» **What to do**
Repeat all entries word for word; skip images.
++++++
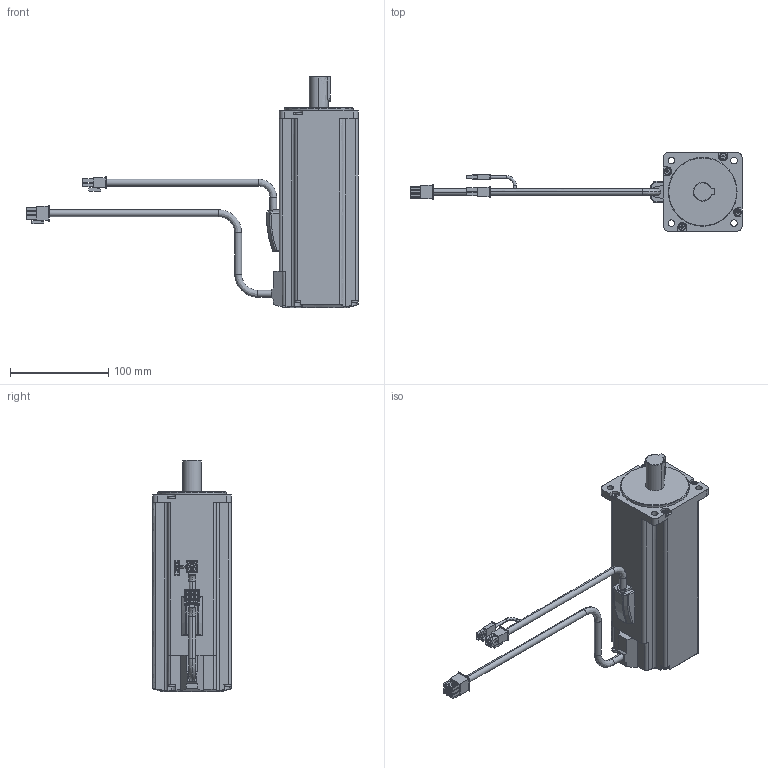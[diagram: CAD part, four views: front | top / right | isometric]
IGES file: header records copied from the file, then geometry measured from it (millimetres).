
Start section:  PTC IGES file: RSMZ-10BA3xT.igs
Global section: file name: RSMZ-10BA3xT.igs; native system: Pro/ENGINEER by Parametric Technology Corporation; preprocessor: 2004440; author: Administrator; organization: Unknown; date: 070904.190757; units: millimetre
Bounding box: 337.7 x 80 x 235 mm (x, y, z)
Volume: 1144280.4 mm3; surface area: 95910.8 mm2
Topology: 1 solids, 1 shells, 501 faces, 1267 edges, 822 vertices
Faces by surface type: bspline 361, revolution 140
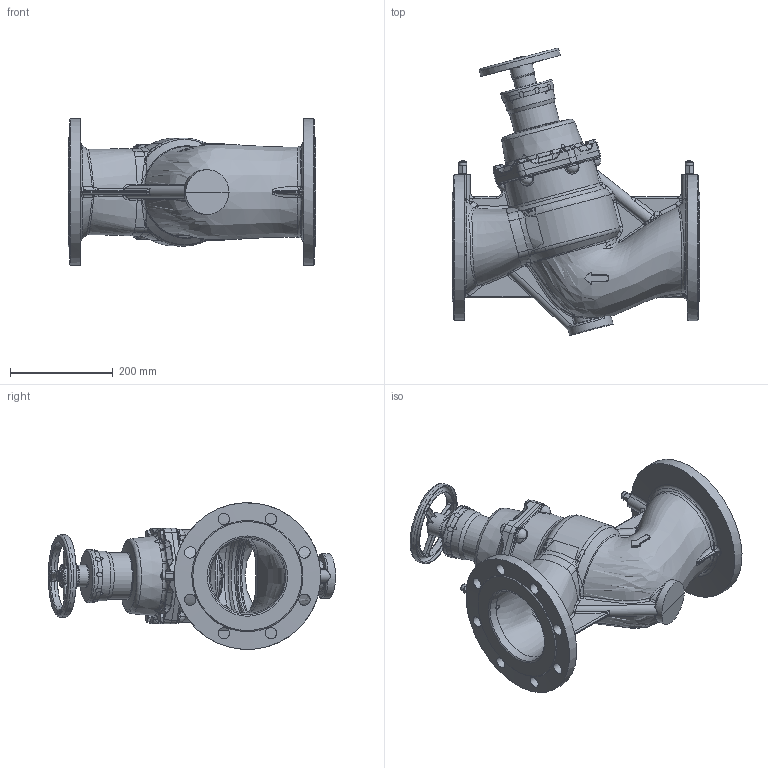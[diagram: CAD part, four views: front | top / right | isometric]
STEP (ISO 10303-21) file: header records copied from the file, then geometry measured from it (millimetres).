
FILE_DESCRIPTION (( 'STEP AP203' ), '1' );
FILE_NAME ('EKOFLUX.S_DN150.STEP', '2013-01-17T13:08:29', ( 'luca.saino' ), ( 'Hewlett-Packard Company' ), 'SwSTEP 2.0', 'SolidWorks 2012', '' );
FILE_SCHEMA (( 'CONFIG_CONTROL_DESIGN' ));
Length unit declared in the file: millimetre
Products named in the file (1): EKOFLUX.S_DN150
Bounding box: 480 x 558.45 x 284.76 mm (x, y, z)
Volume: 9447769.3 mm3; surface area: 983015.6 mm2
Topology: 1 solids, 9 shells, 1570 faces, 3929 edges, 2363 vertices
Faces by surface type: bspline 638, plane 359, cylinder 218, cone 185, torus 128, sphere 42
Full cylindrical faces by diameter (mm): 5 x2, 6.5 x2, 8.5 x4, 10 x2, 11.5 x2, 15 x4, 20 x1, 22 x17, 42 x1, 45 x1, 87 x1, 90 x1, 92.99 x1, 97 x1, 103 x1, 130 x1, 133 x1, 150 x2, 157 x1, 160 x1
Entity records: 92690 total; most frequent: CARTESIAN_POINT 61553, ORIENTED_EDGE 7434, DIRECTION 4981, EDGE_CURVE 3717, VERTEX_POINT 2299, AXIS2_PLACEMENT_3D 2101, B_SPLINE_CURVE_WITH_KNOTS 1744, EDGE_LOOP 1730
++++++
» **Your response**
[diagram: CAD part, four views: front | top / right | isometric]
IGES file: header records copied from the file, then geometry measured from it (millimetres).
Start section:  PTC IGES file: RSMZ-10BA3xT.igs
Global section: file name: RSMZ-10BA3xT.igs; native system: Pro/ENGINEER by Parametric Technology Corporation; preprocessor: 2004440; author: Administrator; organization: Unknown; date: 070904.190757; units: millimetre
Bounding box: 337.7 x 80 x 235 mm (x, y, z)
Volume: 1144280.4 mm3; surface area: 95910.8 mm2
Topology: 1 solids, 1 shells, 501 faces, 1267 edges, 822 vertices
Faces by surface type: bspline 361, revolution 140
[diagram: CAD part, four views: front | top / right | isometric]
STEP (ISO 10303-21) file: header records copied from the file, then geometry measured from it (millimetres).
FILE_DESCRIPTION (( 'STEP AP203' ), '1' );
FILE_NAME ('EKOFLUX.S_DN150.STEP', '2013-01-17T13:08:29', ( 'luca.saino' ), ( 'Hewlett-Packard Company' ), 'SwSTEP 2.0', 'SolidWorks 2012', '' );
FILE_SCHEMA (( 'CONFIG_CONTROL_DESIGN' ));
Length unit declared in the file: millimetre
Products named in the file (1): EKOFLUX.S_DN150
Bounding box: 480 x 558.45 x 284.76 mm (x, y, z)
Volume: 9447769.3 mm3; surface area: 983015.6 mm2
Topology: 1 solids, 9 shells, 1570 faces, 3929 edges, 2363 vertices
Faces by surface type: bspline 638, plane 359, cylinder 218, cone 185, torus 128, sphere 42
Full cylindrical faces by diameter (mm): 5 x2, 6.5 x2, 8.5 x4, 10 x2, 11.5 x2, 15 x4, 20 x1, 22 x17, 42 x1, 45 x1, 87 x1, 90 x1, 92.99 x1, 97 x1, 103 x1, 130 x1, 133 x1, 150 x2, 157 x1, 160 x1
Entity records: 92690 total; most frequent: CARTESIAN_POINT 61553, ORIENTED_EDGE 7434, DIRECTION 4981, EDGE_CURVE 3717, VERTEX_POINT 2299, AXIS2_PLACEMENT_3D 2101, B_SPLINE_CURVE_WITH_KNOTS 1744, EDGE_LOOP 1730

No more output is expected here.